Here is a detailed description of VTT in the top-voted answer.But the answer does not explain why is there a top-offset in the VTT.
From my point of view,when we down_cast a base pointer to derived pointer,the compiler already knows the offset needed to be adjusted in compile time(when there is no virtual derivation) ,so there is no need to store a top_offset in situation below:
class A {
public:
int a;
};
class B {
public:
int b;
virtual void w();
};
class C : public A, public B {
public:
int c;
};
In this case, objects of type C are laid out like this (numbers assuming 32-bit pointers):
+-----------------------+
| 0 (top_offset) |//why?
+-----------------------+
c --> +----------+ | ptr to typeinfo for C |
| vtable |-------> +-----------------------+
+----------+ | A::v() |
| a | +-----------------------+
+----------+ | -8 (top_offset) |//why?
| vtable |---+ +-----------------------+
+----------+ | | ptr to typeinfo for C |
| b | +---> +-----------------------+
+----------+ | B::w() |
| c | +-----------------------+
+----------+
Why is there a top_offset in VTT under such situation?
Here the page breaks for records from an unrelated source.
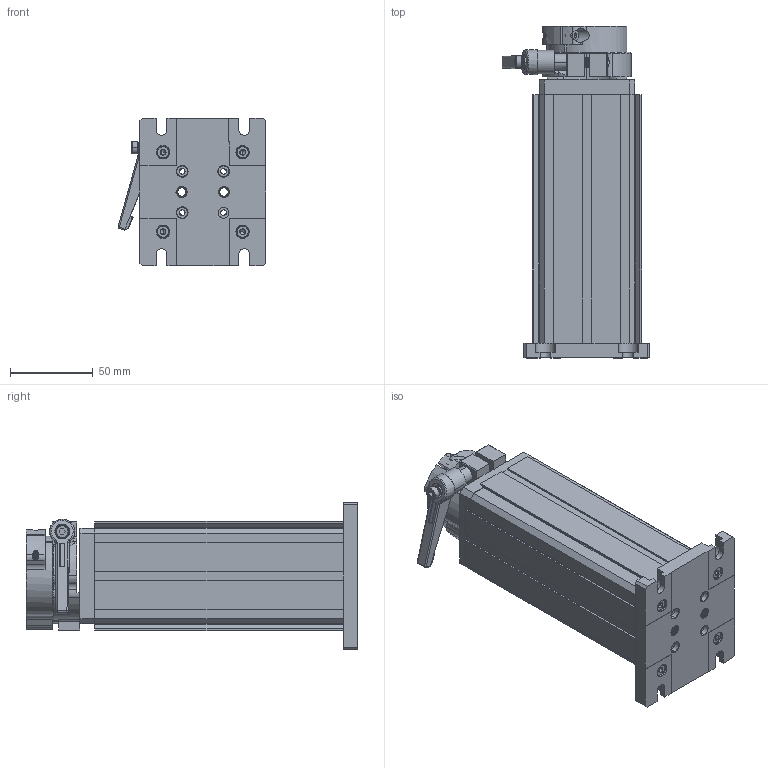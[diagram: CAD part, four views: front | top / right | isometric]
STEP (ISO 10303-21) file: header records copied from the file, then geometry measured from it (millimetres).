
FILE_DESCRIPTION((''),'2;1');
FILE_NAME('CAX-R150_ASM','2021-06-24T',('Administrator'),(''),'CREO PARAMETRIC BY PTC INC, 2015290','CREO PARAMETRIC BY PTC INC, 2015290','');
FILE_SCHEMA(('CONFIG_CONTROL_DESIGN'));
Products named in the file (13): OPS-ML; CFEP-A1_5_; M4X10_HM; PCA-K2; D3X18_AXLE; M4X12_HM; M6-16_A1; M6-16_A2; M4X14_HMZ; SPRING_6X8; M6-16_ASM; OPH_A150; CAX-R150_ASM
Assembly tree (19 placements, depth 3):
  CAX-R150_ASM
    OPS-ML
    CFEP-A1_5_
    M4X10_HM  x8
    PCA-K2
    D3X18_AXLE
    M4X12_HM
    M6-16_ASM
      M6-16_A1
      M6-16_A2
      M4X14_HMZ
      SPRING_6X8
    OPH_A150
Bounding box: 89.36 x 200.42 x 89.28 mm (x, y, z)
Volume: 344976.3 mm3; surface area: 124190.8 mm2
Topology: 18 solids, 18 shells, 1352 faces, 3380 edges, 2076 vertices
Faces by surface type: cylinder 543, plane 402, cone 215, bspline 182, torus 6, sphere 4
Entity records: 64792 total; most frequent: CARTESIAN_POINT 38545, ORIENTED_EDGE 5960, DIRECTION 4524, EDGE_CURVE 2980, VERTEX_POINT 1901, AXIS2_PLACEMENT_3D 1572, VECTOR 1380, LINE 1380

I think the top_offset and virtual base offset are only needed in virtual inheritance.
void *top(B *b) { return dynamic_cast<void *>(b); }
There is no way for the compiler to determine at compile time what the correct offset is. This function may be called with a null pointer, a pointer to a complete B object, or a pointer to a B subobject. The three cases need to be handled differently. The offset in the vtable is what allows this to work.